Our victory is assured: Tajuddin
June 13, 1971
TAJUDDIN'S RADIO BROADCAST
Bangladesh Prime Minister Tajuddin Ahmad said today that the refugees now in India were keen on coming back home. In a broadcast over the Swadhin Bangla Betar Kendra, Tajuddin Ahmad said the refugees were actively trying to hasten the day of their return by joining the liberation forces of Bangladesh in great numbers.
He expressed his gratitude to the government of India for what the country had been doing to relieve the distress of these people. But regretted that even after the appeal of the UN secretary general, the offer of help from the other countries was not commensurate with the magnitude of the problem.
He appealed to the big power not to aggravate the monumental wrong done to a peace- and freedom-loving democratic people by interfering in favour of the blood-thirsty military dictatorship of West Pakistan. The Bangladesh prime minister was more outspoken when he charged the big powers of having a large share in the "vast evil being enacted in Bangladesh today." The big power, he said, had assisted the rise of dictatorship and a capitalist-bureaucratic-military oligarchy in Pakistan by giving it arms and economic aid.
"I urge them not to try to prop up the crumbling economic base of the Islamabad government either directly or through the World Bank and IMF unless it withdrew its occupation army of Bangladesh. Let there be no doubt that aid given to Islamabad now will be sucked in cynical and devious ways into the war machine and used to hold down the people of Bangladesh," said Tajuddin Ahmad.

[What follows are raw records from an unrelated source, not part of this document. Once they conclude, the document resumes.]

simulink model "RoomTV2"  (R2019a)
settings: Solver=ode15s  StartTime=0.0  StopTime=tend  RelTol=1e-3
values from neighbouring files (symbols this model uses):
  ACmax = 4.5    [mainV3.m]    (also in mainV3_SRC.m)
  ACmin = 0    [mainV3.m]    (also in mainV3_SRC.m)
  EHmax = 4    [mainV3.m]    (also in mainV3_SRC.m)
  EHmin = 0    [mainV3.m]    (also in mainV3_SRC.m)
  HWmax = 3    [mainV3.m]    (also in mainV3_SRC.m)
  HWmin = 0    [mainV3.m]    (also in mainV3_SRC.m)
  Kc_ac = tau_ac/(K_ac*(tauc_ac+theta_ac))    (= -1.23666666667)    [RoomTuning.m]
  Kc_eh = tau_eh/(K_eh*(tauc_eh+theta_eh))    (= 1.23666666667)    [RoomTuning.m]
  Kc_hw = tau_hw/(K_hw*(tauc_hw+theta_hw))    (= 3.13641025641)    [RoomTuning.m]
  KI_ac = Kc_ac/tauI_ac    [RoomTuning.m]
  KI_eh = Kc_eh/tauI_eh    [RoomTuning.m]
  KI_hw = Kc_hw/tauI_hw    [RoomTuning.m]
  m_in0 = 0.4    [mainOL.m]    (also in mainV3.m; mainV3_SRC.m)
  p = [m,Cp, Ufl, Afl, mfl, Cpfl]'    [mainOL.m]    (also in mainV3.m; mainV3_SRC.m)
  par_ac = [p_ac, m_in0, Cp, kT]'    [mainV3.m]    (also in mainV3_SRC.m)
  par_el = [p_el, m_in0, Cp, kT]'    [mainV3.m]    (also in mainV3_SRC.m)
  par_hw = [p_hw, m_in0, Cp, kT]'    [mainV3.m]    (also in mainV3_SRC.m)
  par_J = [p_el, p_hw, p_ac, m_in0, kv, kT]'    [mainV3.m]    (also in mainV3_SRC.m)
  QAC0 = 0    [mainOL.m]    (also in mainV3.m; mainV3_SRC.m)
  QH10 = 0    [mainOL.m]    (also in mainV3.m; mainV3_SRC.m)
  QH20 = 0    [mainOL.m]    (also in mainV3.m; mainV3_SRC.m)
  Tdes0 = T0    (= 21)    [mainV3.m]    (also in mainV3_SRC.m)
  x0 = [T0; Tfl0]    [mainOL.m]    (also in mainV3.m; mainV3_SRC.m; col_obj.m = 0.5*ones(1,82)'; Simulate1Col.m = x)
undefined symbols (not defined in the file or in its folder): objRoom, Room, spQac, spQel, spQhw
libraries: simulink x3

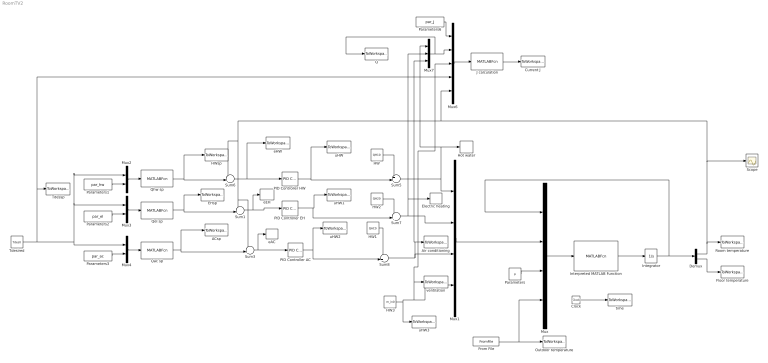
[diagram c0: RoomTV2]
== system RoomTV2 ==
  ACsp : ToWorkspace  VariableName=ACsp  SampleTime=-1
  Air conditioning : ToWorkspace  VariableName=QAC  SampleTime=-1
  Clock : Clock
  Current J : ToWorkspace  VariableName=Jactual  SampleTime=-1
  Demux : Demux  Outputs=2
  EHsp : ToWorkspace  VariableName=EHsp  SampleTime=-1
  Electric heating : ToWorkspace  VariableName=QH2  SampleTime=-1
  Floor temperature : ToWorkspace  VariableName=Tfl  SampleTime=-1
  From File : FromFile  FileName=Tambient.mat  OutDataTypeStr=double  SampleTime=0
  HW : Constant  Value=QH10
  HW1 : Constant  Value=QAC0
  HW2 : Constant  Value=QH20
  HW3 : Constant  Value=m_in0
  HWsp : ToWorkspace  VariableName=HWsp  SampleTime=-1
  Hot water : ToWorkspace  VariableName=QH1  SampleTime=-1
  Integrator : Integrator  InitialCondition=x0'
  Interpreted MATLAB Function : MATLABFcn  MATLABFcn=Room(u)  OutputDimensions=2  Output1D=off
  J calculation : MATLABFcn  MATLABFcn=objRoom(u)  OutputDimensions=1  Output1D=off
  Mux : Mux
  Mux1 : Mux
  Mux2 : Mux  Inputs=2
  Mux3 : Mux  Inputs=2
  Mux4 : Mux  Inputs=2
  Mux6 : Mux  Inputs=5
  Mux7 : Mux  Inputs=3
  Outdoor temperature : ToWorkspace  VariableName=Tin  SampleTime=-1
  PID Controller AC : simulink/Continuous/PID Controller  Controller=PI  Form=Parallel  TimeDomain=Continuous-time  SampleTime=-1  IntegratorMethod=Forward Euler  FilterMethod=Forward Euler  ControllerParametersSource=internal  P=Kc_ac  I=KI_ac  D=0  UseFilter=on  N=100  TunerSelectOption=Transfer Function Based (PID Tuner App)  InitialConditionSource=internal  InitialConditionForIntegrator=0  InitialConditionForFilter=0  DifferentiatorICPrevScaledInput=0  ExternalReset=none  TrackingMode=off  Kt=1  LimitOutput=on  UpperSaturationLimit=ACmax  LowerSaturationLimit=ACmin  LinearizeAsGain=on  AntiWindupMode=back-calculation  Kb=1  POutMin=[]  POutMax=[]  IOutMin=[]  IOutMax=[]  DOutMin=[]  DOutMax=[]  NOutMin=[]  NOutMax=[]  SumOutMin=[]  SumOutMax=[]  SaturationOutMin=[]  SaturationOutMax=[]  PParamMin=[]  PParamMax=[]  IParamMin=[]  IParamMax=[]  DParamMin=[]  DParamMax=[]  NParamMin=[]  NParamMax=[]  KbParamMin=[]  KbParamMax=[]  KtParamMin=[]  KtParamMax=[]  KbOutMin=[]  KbOutMax=[]  KtOutMin=[]  KtOutMax=[]  IntegratorOutMin=[]  IntegratorOutMax=[]  FilterOutMin=[]  FilterOutMax=[]  SumI1OutMin=[]  SumI1OutMax=[]  SumI2OutMin=[]  SumI2OutMax=[]  SumI3OutMin=[]  SumI3OutMax=[]  SumI4OutMin=[]  SumI4OutMax=[]  SumDOutMin=[]  SumDOutMax=[]  DifferentiatorOutMin=[]  DifferentiatorOutMax=[]  FilterDiffOutCoefMin=[]  FilterDiffOutCoefMax=[]  ReciprocalOutMin=[]  ReciprocalOutMax=[]  SumDenOutMin=[]  SumDenOutMax=[]  SumNumOutMin=[]  SumNumOutMax=[]  DivideOutMin=[]  DivideOutMax=[]  IntegratorContinuousStateAttributes=''  IntegratorStateMustResolveToSignalObject=off  IntegratorRTWStateStorageClass=Auto  FilterContinuousStateAttributes=''  FilterStateMustResolveToSignalObject=off  FilterRTWStateStorageClass=Auto  ParallelPVariant=InternalParameters  IdealPVariant=Disabled  IVariant=InternalParameters  DVariant=Disabled  IntegratorVariant=Continuous  SatVariant=Enabled  AWVariant=BackCalculation  PCopyVariant=Disabled  TRVariant=Disabled  FdbkBlocksVariant=Forward  IdealPFdbkVariant=Disabled  SatFdbkVariant=Disabled  DerivativeFilterVariant=Disabled  NVariant=Disabled  NCopyVariant=Disabled_SignalSpec  FilterICVariant=Disabled  IntegratorICVariant=InternalICs  ExternalResetVariant=Disabled  TRSumVariant=Passthrough  SumFdbkVariant=Disabled  SumVariant=Sum_PI
  PID Controller EH : simulink/Continuous/PID Controller  Controller=PI  Form=Parallel  TimeDomain=Continuous-time  SampleTime=-1  IntegratorMethod=Forward Euler  FilterMethod=Forward Euler  ControllerParametersSource=internal  P=Kc_eh  I=KI_eh  D=0  UseFilter=on  N=100  TunerSelectOption=Transfer Function Based (PID Tuner App)  InitialConditionSource=internal  InitialConditionForIntegrator=0  InitialConditionForFilter=0  DifferentiatorICPrevScaledInput=0  ExternalReset=none  TrackingMode=off  Kt=1  LimitOutput=on  UpperSaturationLimit=EHmax  LowerSaturationLimit=EHmin  LinearizeAsGain=on  AntiWindupMode=clamping  Kb=1  POutMin=[]  POutMax=[]  IOutMin=[]  IOutMax=[]  DOutMin=[]  DOutMax=[]  NOutMin=[]  NOutMax=[]  SumOutMin=[]  SumOutMax=[]  SaturationOutMin=[]  SaturationOutMax=[]  PParamMin=[]  PParamMax=[]  IParamMin=[]  IParamMax=[]  DParamMin=[]  DParamMax=[]  NParamMin=[]  NParamMax=[]  KbParamMin=[]  KbParamMax=[]  KtParamMin=[]  KtParamMax=[]  KbOutMin=[]  KbOutMax=[]  KtOutMin=[]  KtOutMax=[]  IntegratorOutMin=[]  IntegratorOutMax=[]  FilterOutMin=[]  FilterOutMax=[]  SumI1OutMin=[]  SumI1OutMax=[]  SumI2OutMin=[]  SumI2OutMax=[]  SumI3OutMin=[]  SumI3OutMax=[]  SumI4OutMin=[]  SumI4OutMax=[]  SumDOutMin=[]  SumDOutMax=[]  DifferentiatorOutMin=[]  DifferentiatorOutMax=[]  FilterDiffOutCoefMin=[]  FilterDiffOutCoefMax=[]  ReciprocalOutMin=[]  ReciprocalOutMax=[]  SumDenOutMin=[]  SumDenOutMax=[]  SumNumOutMin=[]  SumNumOutMax=[]  DivideOutMin=[]  DivideOutMax=[]  IntegratorContinuousStateAttributes=''  IntegratorStateMustResolveToSignalObject=off  IntegratorRTWStateStorageClass=Auto  FilterContinuousStateAttributes=''  FilterStateMustResolveToSignalObject=off  FilterRTWStateStorageClass=Auto  ParallelPVariant=InternalParameters  IdealPVariant=Disabled  IVariant=InternalParameters  DVariant=Disabled  IntegratorVariant=Continuous  SatVariant=Enabled  AWVariant=ContClampingParallel  PCopyVariant=Disabled  TRVariant=Disabled  FdbkBlocksVariant=Forward  IdealPFdbkVariant=Disabled  SatFdbkVariant=Disabled  DerivativeFilterVariant=Disabled  NVariant=Disabled  NCopyVariant=Disabled_SignalSpec  FilterICVariant=Disabled  IntegratorICVariant=InternalICs  ExternalResetVariant=Disabled  TRSumVariant=Passthrough  SumFdbkVariant=Disabled  SumVariant=Sum_PI
  PID Controller HW : simulink/Continuous/PID Controller  Controller=PI  Form=Parallel  TimeDomain=Continuous-time  SampleTime=-1  IntegratorMethod=Forward Euler  FilterMethod=Forward Euler  ControllerParametersSource=internal  P=Kc_hw  I=KI_hw  D=0  UseFilter=on  N=100  TunerSelectOption=Transfer Function Based (PID Tuner App)  InitialConditionSource=internal  InitialConditionForIntegrator=0  InitialConditionForFilter=0  DifferentiatorICPrevScaledInput=0  ExternalReset=none  TrackingMode=off  Kt=1  LimitOutput=on  UpperSaturationLimit=HWmax  LowerSaturationLimit=HWmin  LinearizeAsGain=on  AntiWindupMode=clamping  Kb=1  POutMin=[]  POutMax=[]  IOutMin=[]  IOutMax=[]  DOutMin=[]  DOutMax=[]  NOutMin=[]  NOutMax=[]  SumOutMin=[]  SumOutMax=[]  SaturationOutMin=[]  SaturationOutMax=[]  PParamMin=[]  PParamMax=[]  IParamMin=[]  IParamMax=[]  DParamMin=[]  DParamMax=[]  NParamMin=[]  NParamMax=[]  KbParamMin=[]  KbParamMax=[]  KtParamMin=[]  KtParamMax=[]  KbOutMin=[]  KbOutMax=[]  KtOutMin=[]  KtOutMax=[]  IntegratorOutMin=[]  IntegratorOutMax=[]  FilterOutMin=[]  FilterOutMax=[]  SumI1OutMin=[]  SumI1OutMax=[]  SumI2OutMin=[]  SumI2OutMax=[]  SumI3OutMin=[]  SumI3OutMax=[]  SumI4OutMin=[]  SumI4OutMax=[]  SumDOutMin=[]  SumDOutMax=[]  DifferentiatorOutMin=[]  DifferentiatorOutMax=[]  FilterDiffOutCoefMin=[]  FilterDiffOutCoefMax=[]  ReciprocalOutMin=[]  ReciprocalOutMax=[]  SumDenOutMin=[]  SumDenOutMax=[]  SumNumOutMin=[]  SumNumOutMax=[]  DivideOutMin=[]  DivideOutMax=[]  IntegratorContinuousStateAttributes=''  IntegratorStateMustResolveToSignalObject=off  IntegratorRTWStateStorageClass=Auto  FilterContinuousStateAttributes=''  FilterStateMustResolveToSignalObject=off  FilterRTWStateStorageClass=Auto  ParallelPVariant=InternalParameters  IdealPVariant=Disabled  IVariant=InternalParameters  DVariant=Disabled  IntegratorVariant=Continuous  SatVariant=Enabled  AWVariant=ContClampingParallel  PCopyVariant=Disabled  TRVariant=Disabled  FdbkBlocksVariant=Forward  IdealPFdbkVariant=Disabled  SatFdbkVariant=Disabled  DerivativeFilterVariant=Disabled  NVariant=Disabled  NCopyVariant=Disabled_SignalSpec  FilterICVariant=Disabled  IntegratorICVariant=InternalICs  ExternalResetVariant=Disabled  TRSumVariant=Passthrough  SumFdbkVariant=Disabled  SumVariant=Sum_PI
  Parameters : Constant  Value=p
  Parameters1 : Constant  Value=par_hw
  Parameters2 : Constant  Value=par_el
  Parameters3 : Constant  Value=par_ac
  Parameters6 : Constant  Value=par_J
  Q : ToWorkspace  VariableName=Q  SampleTime=-1
  Qac sp : MATLABFcn  MATLABFcn=spQac(u)  OutputDimensions=1  Output1D=off
  Qel sp : MATLABFcn  MATLABFcn=spQel(u)  OutputDimensions=1  Output1D=off
  Qhw sp : MATLABFcn  MATLABFcn=spQhw(u)  OutputDimensions=1  Output1D=off
  Room temperature : ToWorkspace  VariableName=T  SampleTime=-1
  Scope : Scope
  Sum1 : Sum  Inputs=-+|
  Sum3 : Sum  Inputs=-+|
  Sum5 : Sum  Inputs=++|
  Sum6 : Sum  Inputs=-+|
  Sum7 : Sum  Inputs=++|
  Sum8 : Sum  Inputs=++|
  Tdesired : Constant  Value=Tdes0
  Tdessp : ToWorkspace  VariableName=Tdes_sp  SampleTime=-1
  eAC : ToWorkspace  VariableName=eAC  SampleTime=-1
  eEH : ToWorkspace  VariableName=eEH  SampleTime=-1
  eHW : ToWorkspace  VariableName=eHW  SampleTime=-1
  time : ToWorkspace  VariableName=t  SampleTime=-1
  uHW : ToWorkspace  VariableName=uHW  SampleTime=-1
  uHW1 : ToWorkspace  VariableName=uEH  SampleTime=-1
  uHW2 : ToWorkspace  VariableName=uAC  SampleTime=-1
  uHW3 : ToWorkspace  VariableName=u_mv  SampleTime=-1
  ventilation : ToWorkspace  VariableName=m_in  SampleTime=-1
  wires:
  Clock/1 -> time/1
  Interpreted MATLAB Function/1 -> Integrator/1
  Mux/1 -> Interpreted MATLAB Function/1
  Integrator/1 -> Demux/1, Mux/1
  Parameters/1 -> Mux/3
  Mux1/1 -> Mux/2
  Demux/1 -> Mux6/5, Sum6/1, Sum3/1, Sum1/1, Scope/1, Room temperature/1
  Demux/2 -> Floor temperature/1
  Tdesired/1 -> Mux6/4, Tdessp/1, Mux3/1, Mux2/1, Mux4/1
  Qhw sp/1 -> Sum6/2, HWsp/1
  Mux2/1 -> Qhw sp/1
  Mux3/1 -> Qel sp/1
  Mux4/1 -> Qac sp/1
  Parameters1/1 -> Mux2/2
  Parameters2/1 -> Mux3/2
  Parameters3/1 -> Mux4/2
  Qel sp/1 -> EHsp/1, Sum1/2
  Qac sp/1 -> ACsp/1, Sum3/2
  Sum3/1 -> eAC/1, PID Controller AC/1
  Sum6/1 -> eHW/1, PID Controller HW/1
  PID Controller HW/1 -> uHW/1, Sum5/2
  Sum1/1 -> eEH/1, PID Controller EH/1
  PID Controller EH/1 -> Sum7/2, uHW1/1
  PID Controller AC/1 -> uHW2/1, Sum8/2
  Sum5/1 -> Mux1/1, Mux7/1, Hot water/1
  HW/1 -> Sum5/1
  Sum7/1 -> Mux7/2, Electric heating/1, Mux1/2
  HW2/1 -> Sum7/1
  Sum8/1 -> Mux7/3, Air conditioning/1, Mux1/3
  HW1/1 -> Sum8/1
  J calculation/1 -> Current J/1
  Mux6/1 -> J calculation/1
  HW3/1 -> Mux6/3, ventilation/1, Mux1/4, uHW3/1
  Parameters6/1 -> Mux6/1
  Mux7/1 -> Q/1, Mux6/2
  From File/1 -> Outdoor temperature/1, Mux/4

Tajuddin Ahmad further said that the war of liberation was now in its 11th week and the valiant freedom fighters had put despair into Yahya's heart. The staggering casualty figures of the West Pakistani Army testified to the success of the defensive operations. The twin methods of massive terror and murder had not succeeded in breaking the will of a nation determined to fulfil its destiny to freedom.
In a special word to those Muslim and Arab countries, who had not yet found it possible to condemn the mass slaughter in Bangladesh, the prime minister said, "Their silence condones colonialism and barbarism, their support to Islamabad put them on the side of dictatorship and its well-documented crimes of arson, loot, rape and murder."
Tajuddin Ahmad wound up his speech by congratulating the people of Bangladesh on their brave struggle and asking them to make sure that no exportable merchandise could fall into the hands of the enemy, to seek out collaborators and quislings and punish them, to maintain solidarity with the freedom fighters, and finally to have faith in the justness and invincibility of their cause. "Our victory is assured," he said.
BRITISH MP'S TEAM CONFERS WITH YAHYA
The three-member British parliamentary delegation conferred with Pakistan President Yahya Khan in Rawalpindi. The delegation would also visit Bangladesh to make a study of the conditions prevailing there. It would later acquaint the British government with the situation there to chalk out the type and quantum of relief aid to be given to Bangladesh.